I'm giving it a continuous current rating is 97A. Its pulse rating is probably exaggerated though. I was unable to test the pulse rating due to my high-current rig being used to test a client's cell. But based on its voltage under load in the continuous current tests I think this cell can be pulsed at 200A without a lot of voltage sag or overheating. This is easily the best cell I have ever tested.

*Photo and Discharge Graph*



*Comments*


At 10A continuous it reached about 7800mAh. This is average performance for a 8000mAh-rated cell operating at 10A so I am rating this cell at 8000mAh.


At 30A continuous the temperature rose to 50°C. This is significantly below the average temperature for a cell operating at its continuous discharge rating (CDR).


At 50A continuous the temperature rose to 58°C. This is still significantly below the average temperature for a cell operating at its continuous discharge rating (CDR).
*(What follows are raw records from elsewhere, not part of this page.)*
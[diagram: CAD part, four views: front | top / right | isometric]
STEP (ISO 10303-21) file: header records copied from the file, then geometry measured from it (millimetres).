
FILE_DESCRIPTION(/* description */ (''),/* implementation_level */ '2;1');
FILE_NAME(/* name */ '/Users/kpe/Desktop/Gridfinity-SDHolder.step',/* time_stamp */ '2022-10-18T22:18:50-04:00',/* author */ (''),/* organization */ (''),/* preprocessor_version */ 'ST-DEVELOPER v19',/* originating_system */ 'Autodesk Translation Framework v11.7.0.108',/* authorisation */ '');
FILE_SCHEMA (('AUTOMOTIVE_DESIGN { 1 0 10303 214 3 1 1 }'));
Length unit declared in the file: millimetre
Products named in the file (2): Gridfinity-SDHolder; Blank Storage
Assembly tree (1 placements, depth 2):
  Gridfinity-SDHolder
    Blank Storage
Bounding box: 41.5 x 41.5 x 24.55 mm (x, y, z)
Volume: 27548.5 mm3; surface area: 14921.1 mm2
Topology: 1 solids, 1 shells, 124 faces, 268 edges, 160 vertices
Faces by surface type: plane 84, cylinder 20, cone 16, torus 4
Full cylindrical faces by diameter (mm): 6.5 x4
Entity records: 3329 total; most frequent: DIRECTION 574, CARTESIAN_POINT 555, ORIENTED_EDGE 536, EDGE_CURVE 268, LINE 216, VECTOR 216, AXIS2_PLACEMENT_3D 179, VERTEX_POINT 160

At 70A continuous the temperature rose to 67°C. This is still below the average temperature for a cell operating at its continuous discharge rating (CDR).


At 90A continuous the temperature rose to 76°C. This is just below the average temperature for a cell operating at its continuous discharge rating (CDR).


At 110A continuous the temperature rose to 85°C. This is several degrees above the average temperature for a cell operating at its continuous discharge rating (CDR). The voltage is sagging a lot and the capacity has dropped a lot too. These are indicators that we are operating at above the cell's CDR.


At 120A continuous the temperature rose to 95°C. This is much too high a temperature for a cell operating at its continuous discharge rating (CDR). The voltage sag and capacity loss is huge.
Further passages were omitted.